### Instructions to follow
When you retype the entries, keep each one exact and leave out the pictures.
- - - - - - -
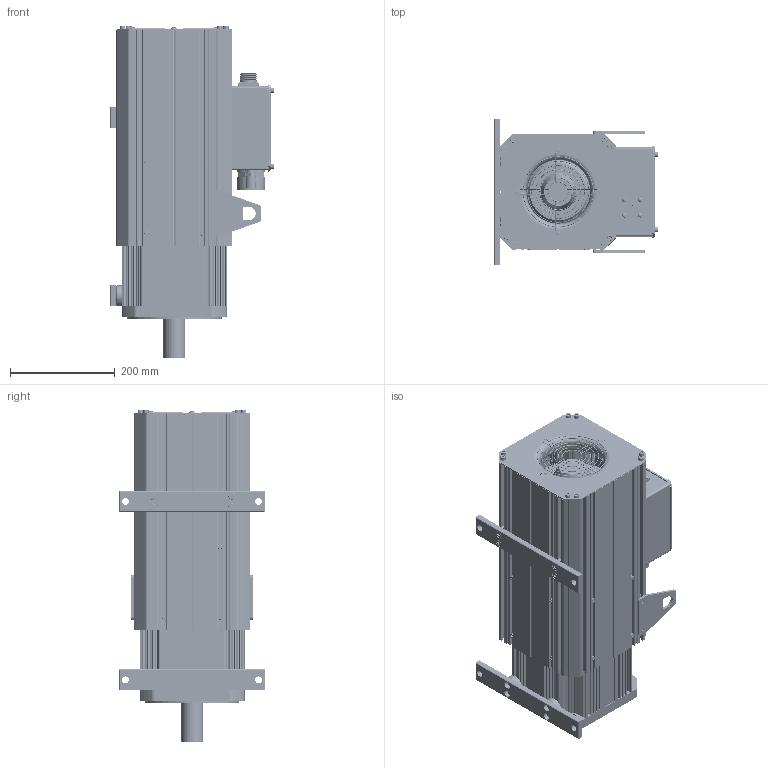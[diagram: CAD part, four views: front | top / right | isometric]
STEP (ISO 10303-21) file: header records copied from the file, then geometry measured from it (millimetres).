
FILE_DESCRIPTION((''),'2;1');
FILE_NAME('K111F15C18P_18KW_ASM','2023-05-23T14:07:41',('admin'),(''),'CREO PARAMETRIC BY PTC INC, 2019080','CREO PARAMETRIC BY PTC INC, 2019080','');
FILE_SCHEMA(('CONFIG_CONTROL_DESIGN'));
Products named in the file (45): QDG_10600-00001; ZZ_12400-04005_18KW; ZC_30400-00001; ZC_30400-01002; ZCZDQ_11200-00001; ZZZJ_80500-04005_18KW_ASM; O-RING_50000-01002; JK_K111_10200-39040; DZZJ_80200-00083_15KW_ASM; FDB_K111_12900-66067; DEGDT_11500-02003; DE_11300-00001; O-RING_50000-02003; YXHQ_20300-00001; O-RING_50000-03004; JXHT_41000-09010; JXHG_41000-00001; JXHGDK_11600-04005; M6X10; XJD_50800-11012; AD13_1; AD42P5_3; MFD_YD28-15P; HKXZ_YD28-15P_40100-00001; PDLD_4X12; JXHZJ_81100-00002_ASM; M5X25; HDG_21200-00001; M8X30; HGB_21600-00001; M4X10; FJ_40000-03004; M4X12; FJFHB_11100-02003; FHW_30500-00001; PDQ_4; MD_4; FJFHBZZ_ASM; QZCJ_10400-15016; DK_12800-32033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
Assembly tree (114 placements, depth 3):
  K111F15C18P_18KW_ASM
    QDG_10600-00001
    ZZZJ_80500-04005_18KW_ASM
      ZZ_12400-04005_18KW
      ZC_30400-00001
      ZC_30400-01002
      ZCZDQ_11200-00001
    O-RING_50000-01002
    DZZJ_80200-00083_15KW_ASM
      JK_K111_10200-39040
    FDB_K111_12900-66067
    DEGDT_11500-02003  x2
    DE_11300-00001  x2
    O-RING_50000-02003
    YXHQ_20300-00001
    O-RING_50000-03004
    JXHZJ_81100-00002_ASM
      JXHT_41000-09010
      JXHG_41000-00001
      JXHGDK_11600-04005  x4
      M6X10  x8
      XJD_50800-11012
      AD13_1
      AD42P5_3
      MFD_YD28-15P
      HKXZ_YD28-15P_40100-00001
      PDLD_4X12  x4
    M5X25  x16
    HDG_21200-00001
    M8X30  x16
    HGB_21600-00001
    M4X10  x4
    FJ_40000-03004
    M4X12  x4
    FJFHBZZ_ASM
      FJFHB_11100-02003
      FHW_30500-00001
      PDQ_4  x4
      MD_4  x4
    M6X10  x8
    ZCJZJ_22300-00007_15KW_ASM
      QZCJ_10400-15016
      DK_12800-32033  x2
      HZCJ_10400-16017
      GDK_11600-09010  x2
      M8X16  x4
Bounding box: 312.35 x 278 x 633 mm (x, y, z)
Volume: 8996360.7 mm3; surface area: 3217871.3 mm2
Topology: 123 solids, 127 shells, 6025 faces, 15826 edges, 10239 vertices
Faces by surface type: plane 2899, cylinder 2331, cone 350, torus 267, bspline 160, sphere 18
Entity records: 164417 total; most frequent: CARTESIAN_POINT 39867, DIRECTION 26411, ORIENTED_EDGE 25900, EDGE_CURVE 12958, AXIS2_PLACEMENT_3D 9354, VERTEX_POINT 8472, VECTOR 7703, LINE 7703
- - - - - - -
### Completed task
[diagram: CAD part, four views: front | top / right | isometric]
STEP (ISO 10303-21) file: header records copied from the file, then geometry measured from it (millimetres).
FILE_DESCRIPTION((''),'2;1');
FILE_NAME('K111F15C18P_18KW_ASM','2023-05-23T14:07:41',('admin'),(''),'CREO PARAMETRIC BY PTC INC, 2019080','CREO PARAMETRIC BY PTC INC, 2019080','');
FILE_SCHEMA(('CONFIG_CONTROL_DESIGN'));
Products named in the file (45): QDG_10600-00001; ZZ_12400-04005_18KW; ZC_30400-00001; ZC_30400-01002; ZCZDQ_11200-00001; ZZZJ_80500-04005_18KW_ASM; O-RING_50000-01002; JK_K111_10200-39040; DZZJ_80200-00083_15KW_ASM; FDB_K111_12900-66067; DEGDT_11500-02003; DE_11300-00001; O-RING_50000-02003; YXHQ_20300-00001; O-RING_50000-03004; JXHT_41000-09010; JXHG_41000-00001; JXHGDK_11600-04005; M6X10; XJD_50800-11012; AD13_1; AD42P5_3; MFD_YD28-15P; HKXZ_YD28-15P_40100-00001; PDLD_4X12; JXHZJ_81100-00002_ASM; M5X25; HDG_21200-00001; M8X30; HGB_21600-00001; M4X10; FJ_40000-03004; M4X12; FJFHB_11100-02003; FHW_30500-00001; PDQ_4; MD_4; FJFHBZZ_ASM; QZCJ_10400-15016; DK_12800-32033
Assembly tree (114 placements, depth 3):
  K111F15C18P_18KW_ASM
    QDG_10600-00001
    ZZZJ_80500-04005_18KW_ASM
      ZZ_12400-04005_18KW
      ZC_30400-00001
      ZC_30400-01002
      ZCZDQ_11200-00001
    O-RING_50000-01002
    DZZJ_80200-00083_15KW_ASM
      JK_K111_10200-39040
    FDB_K111_12900-66067
    DEGDT_11500-02003  x2
    DE_11300-00001  x2
    O-RING_50000-02003
    YXHQ_20300-00001
    O-RING_50000-03004
    JXHZJ_81100-00002_ASM
      JXHT_41000-09010
      JXHG_41000-00001
      JXHGDK_11600-04005  x4
      M6X10  x8
      XJD_50800-11012
      AD13_1
      AD42P5_3
      MFD_YD28-15P
      HKXZ_YD28-15P_40100-00001
      PDLD_4X12  x4
    M5X25  x16
    HDG_21200-00001
    M8X30  x16
    HGB_21600-00001
    M4X10  x4
    FJ_40000-03004
    M4X12  x4
    FJFHBZZ_ASM
      FJFHB_11100-02003
      FHW_30500-00001
      PDQ_4  x4
      MD_4  x4
    M6X10  x8
    ZCJZJ_22300-00007_15KW_ASM
      QZCJ_10400-15016
      DK_12800-32033  x2
      HZCJ_10400-16017
      GDK_11600-09010  x2
      M8X16  x4
Bounding box: 312.35 x 278 x 633 mm (x, y, z)
Volume: 8996360.7 mm3; surface area: 3217871.3 mm2
Topology: 123 solids, 127 shells, 6025 faces, 15826 edges, 10239 vertices
Faces by surface type: plane 2899, cylinder 2331, cone 350, torus 267, bspline 160, sphere 18
Entity records: 164417 total; most frequent: CARTESIAN_POINT 39867, DIRECTION 26411, ORIENTED_EDGE 25900, EDGE_CURVE 12958, AXIS2_PLACEMENT_3D 9354, VERTEX_POINT 8472, VECTOR 7703, LINE 7703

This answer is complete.